Onomatopoeia (words that sound like what they symbolize) doesn’t play a very large role in human languages. There are a few words that are onomatopoetic, such as the English hush, swish, or clink. One area, however, where all languages use onomatopoeia is animal noises. Humans always make up words for animal noises that are imitations of the actual sounds animals make.
Some humans are more successful in this than others, and it’s interesting to compare the words for animal sounds in different languages and see which ones are closest to what the animals actually sound like. It seems to me, for instance, that the Spanish word for “oink”–which is tru-tru–is closer to the noise pigs make than “oink” is.

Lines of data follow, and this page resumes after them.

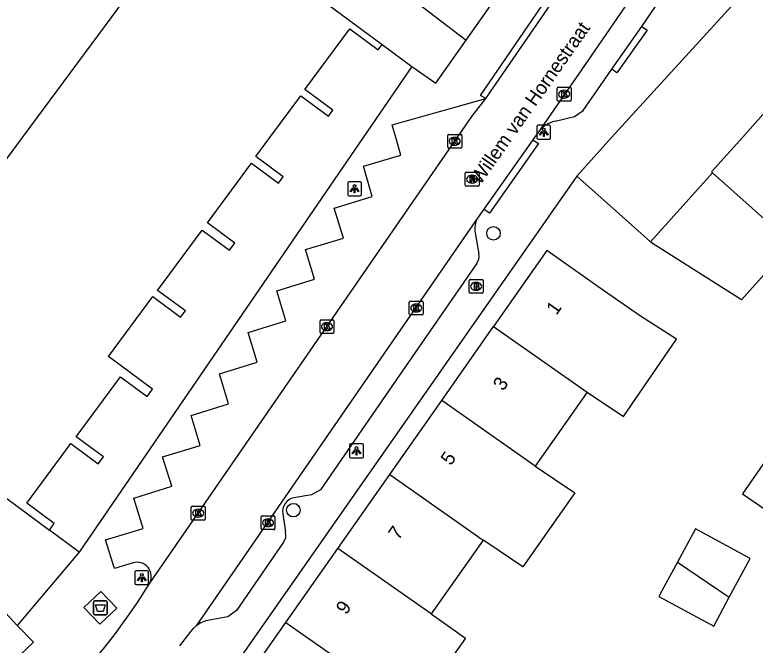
# Model space of a CAD drawing. Extents: x 161801 to 162379, y 382315 to 382832.
# Drawn here: x 161941.1 to 161994.6, y 382713.3 to 382758.9 of the extents above; entities that cross this region are included whole.
import ezdxf

# ---------------------------------------------------------------- set-up
doc = ezdxf.new("R2010")
doc.units = 0
for name, color, linetype in [('IMGEO_Afval_apart_plaats', 7, 'Continuous'), ('IMGEO_Boom', 7, 'Continuous'), ('IMGEO_Brandkraan', 7, 'Continuous'), ('IMGEO_Kolk', 7, 'Continuous'), ('IMGEO_Lichtpunt', 7, 'Continuous'), ('IMGEO_Openbare_ruimte_label', 7, 'Continuous'), ('IMGEO_Pand', 7, 'Continuous'), ('IMGEO_Pand_nummerreeks', 7, 'Continuous'), ('IMGEO_Parkeervlak_open', 7, 'Continuous'), ('IMGEO_Rijbaan_lokaal_open', 7, 'Continuous'), ('IMGEO_Rioolput', 7, 'Continuous'), ('IMGEO_Voetpad_gesloten', 7, 'Continuous'), ('IMGEO_Voetpad_open', 7, 'Continuous')]:
    doc.layers.add(name, color=color, linetype=linetype)

msp = doc.modelspace()

# ---------------------------------------------------------------- linework, layer by layer
at = {"layer": 'IMGEO_Afval_apart_plaats'}
for p, q in [((161946.804, 382715.605), (161946.804, 382716.405)), ((161946.804, 382716.405), (161946.804, 382715.605)), ((161946.904, 382716.505), (161947.694, 382716.505)), ((161947.694, 382716.505), (161946.904, 382716.505)), ((161947.794, 382716.405), (161947.794, 382715.605)), ((161947.794, 382715.605), (161947.794, 382716.405)), ((161947.694, 382715.505), (161946.904, 382715.505)), ((161946.904, 382715.505), (161947.694, 382715.505))]:
    msp.add_line(p, q, dxfattribs=at)
msp.add_lwpolyline([(161946.947, 382716.219), (161947.651, 382716.219), (161947.502, 382715.749), (161947.096, 382715.749), (161946.947, 382716.219)], dxfattribs=at)
for centre, start, end in [((161946.904, 382716.405), 90, 180), ((161946.904, 382716.405), 90, 180), ((161947.694, 382716.405), 0, 90), ((161947.694, 382716.405), 360, 90), ((161946.904, 382715.605), 180, 270), ((161946.904, 382715.605), 180, 270), ((161947.694, 382715.605), 270, 0), ((161947.694, 382715.605), 270, 0)]:
    msp.add_arc(centre, 0.1, start, end, dxfattribs=at)
at = {"layer": 'IMGEO_Boom'}
for centre in [(161975.717, 382743.07), (161961.254, 382723.06)]:
    msp.add_circle(centre, 0.489, dxfattribs=at)
at = {"layer": 'IMGEO_Brandkraan'}
for p, q in [((161973.966, 382738.812), (161973.966, 382739.664)), ((161974.041, 382739.738), (161974.893, 382739.738)), ((161974.454, 382739.518), (161974.479, 382739.518)), ((161974.967, 382739.664), (161974.967, 382738.812)), ((161974.477, 382738.958), (161974.452, 382738.958)), ((161974.893, 382738.738), (161974.041, 382738.738))]:
    msp.add_line(p, q, dxfattribs=at)
for points in [[(161973.966, 382738.812), (161973.966, 382739.664)], [(161974.041, 382739.738), (161974.893, 382739.738)], [(161974.314, 382739.438), (161974.314, 382739.038), (161974.527, 382739.038)], [(161974.545, 382739.438), (161974.314, 382739.438)], [(161974.493, 382739.357), (161974.439, 382739.357), (161974.439, 382739.281)], [(161974.967, 382739.664), (161974.967, 382738.812)], [(161974.439, 382739.281), (161974.492, 382739.281)], [(161974.501, 382739.205), (161974.439, 382739.205), (161974.439, 382739.124)], [(161974.439, 382739.124), (161974.501, 382739.124)], [(161974.893, 382738.738), (161974.041, 382738.738)]]:
    msp.add_lwpolyline(points, dxfattribs=at)
for centre, radius, start, end in [((161974.043, 382739.662), 0.0765, 91.552, 178.448), ((161974.043, 382739.662), 0.0765, 91.552, 178.448), ((161974.494, 382739.319), 0.0379, 267.8285, 90.9355), ((161974.549, 382739.293), 0.145, 59.4692, 91.5367), ((161974.574, 382739.34), 0.0922, 285.5137, 58.1501), ((161974.891, 382739.662), 0.0765, 1.552, 88.448), ((161974.891, 382739.662), 0.0765, 1.552, 88.448), ((161974.043, 382738.814), 0.0765, 181.552, 268.448), ((161974.043, 382738.814), 0.0765, 181.552, 268.448), ((161974.502, 382739.164), 0.0404, 269.8759, 90.5077), ((161974.533, 382739.289), 0.251, 268.6676, 293.5347), ((161974.579, 382739.148), 0.105, 301.3115, 78.989), ((161974.891, 382738.814), 0.0765, 271.552, 358.448), ((161974.891, 382738.814), 0.0765, 271.552, 358.448)]:
    msp.add_arc(centre, radius, start, end, dxfattribs=at)
for centre, major_axis, ratio, start_param, end_param in [((161974.453, 382739.238), (-0.387, 0.002), 0.722429, 4.712389, 7.853982), ((161974.478, 382739.238), (-0.39, 0.002), 0.717154, 1.570796, 4.712389)]:
    msp.add_ellipse(centre, major_axis=major_axis, ratio=ratio, start_param=start_param, end_param=end_param, dxfattribs=at)
at = {"layer": 'IMGEO_Kolk'}
for p, q in [((161980.328, 382752.702), (161980.328, 382753.554)), ((161980.403, 382753.628), (161981.255, 382753.628)), ((161980.816, 382753.408), (161980.841, 382753.408)), ((161981.329, 382753.554), (161981.329, 382752.702)), ((161980.839, 382752.848), (161980.814, 382752.848)), ((161981.255, 382752.628), (161980.403, 382752.628)), ((161972.421, 382749.297), (161972.421, 382750.149)), ((161972.496, 382750.223), (161973.348, 382750.223)), ((161973.422, 382750.149), (161973.422, 382749.297)), ((161972.909, 382750.003), (161972.934, 382750.003)), ((161973.348, 382749.223), (161972.496, 382749.223)), ((161972.932, 382749.443), (161972.907, 382749.443)), ((161969.634, 382737.246), (161969.634, 382738.098)), ((161969.709, 382738.172), (161970.561, 382738.172)), ((161970.122, 382737.952), (161970.147, 382737.952)), ((161970.635, 382738.098), (161970.635, 382737.246)), ((161970.145, 382737.392), (161970.12, 382737.392)), ((161963.184, 382735.901), (161963.184, 382736.753)), ((161963.259, 382736.827), (161964.111, 382736.827)), ((161964.185, 382736.753), (161964.185, 382735.901)), ((161970.561, 382737.172), (161969.709, 382737.172)), ((161963.672, 382736.607), (161963.697, 382736.607)), ((161964.111, 382735.827), (161963.259, 382735.827)), ((161963.695, 382736.047), (161963.67, 382736.047)), ((161953.948, 382723.346), (161954.8, 382723.346)), ((161953.873, 382722.42), (161953.873, 382723.272)), ((161954.361, 382723.126), (161954.386, 382723.126)), ((161954.874, 382723.272), (161954.874, 382722.42)), ((161954.8, 382722.346), (161953.948, 382722.346)), ((161954.384, 382722.566), (161954.359, 382722.566)), ((161958.924, 382721.728), (161958.924, 382722.58)), ((161958.999, 382722.654), (161959.851, 382722.654)), ((161959.412, 382722.434), (161959.437, 382722.434)), ((161959.925, 382722.58), (161959.925, 382721.728)), ((161959.435, 382721.874), (161959.41, 382721.874)), ((161959.851, 382721.654), (161958.999, 382721.654))]:
    msp.add_line(p, q, dxfattribs=at)
for points in [[(161980.328, 382752.702), (161980.328, 382753.554)], [(161980.403, 382753.628), (161981.255, 382753.628)], [(161980.649, 382753.328), (161980.772, 382753.328), (161980.772, 382753.177), (161980.902, 382753.328), (161981.066, 382753.328), (161980.92, 382753.177), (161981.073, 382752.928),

In case you didn’t see it in a story I linked yesterday, there is an initiative called The Quack Project which records children attempting to represent the noises of different animals. They’re interesting to listen to. Often the kids are being too influenced by the word that they have been taught the animals say. Other times, though, they are quite close.
To me it seemed, for instance, that the kids who speak Cantonese has more actual experience with pigs than other kids. Both the Italian kids and the Columbian Spanish kids both had variants on “oink.” But the Cantonese were so dead-on that it’s almost impossible to spell their imitation (kkchhh! fff! is about as close as I can come).
Of course, a lot depends on how you inflect it. For example, in Russian the word for the sound that a sheep makes, similar to the English word, is “baa.” But the Chinese word is “mei,” which I happen to think actually sounds closer to the real sound. Of course, neither sounds very much like a sheep if you just say it like a regular word. But if you say it in a “sheep voice” it sounds much better.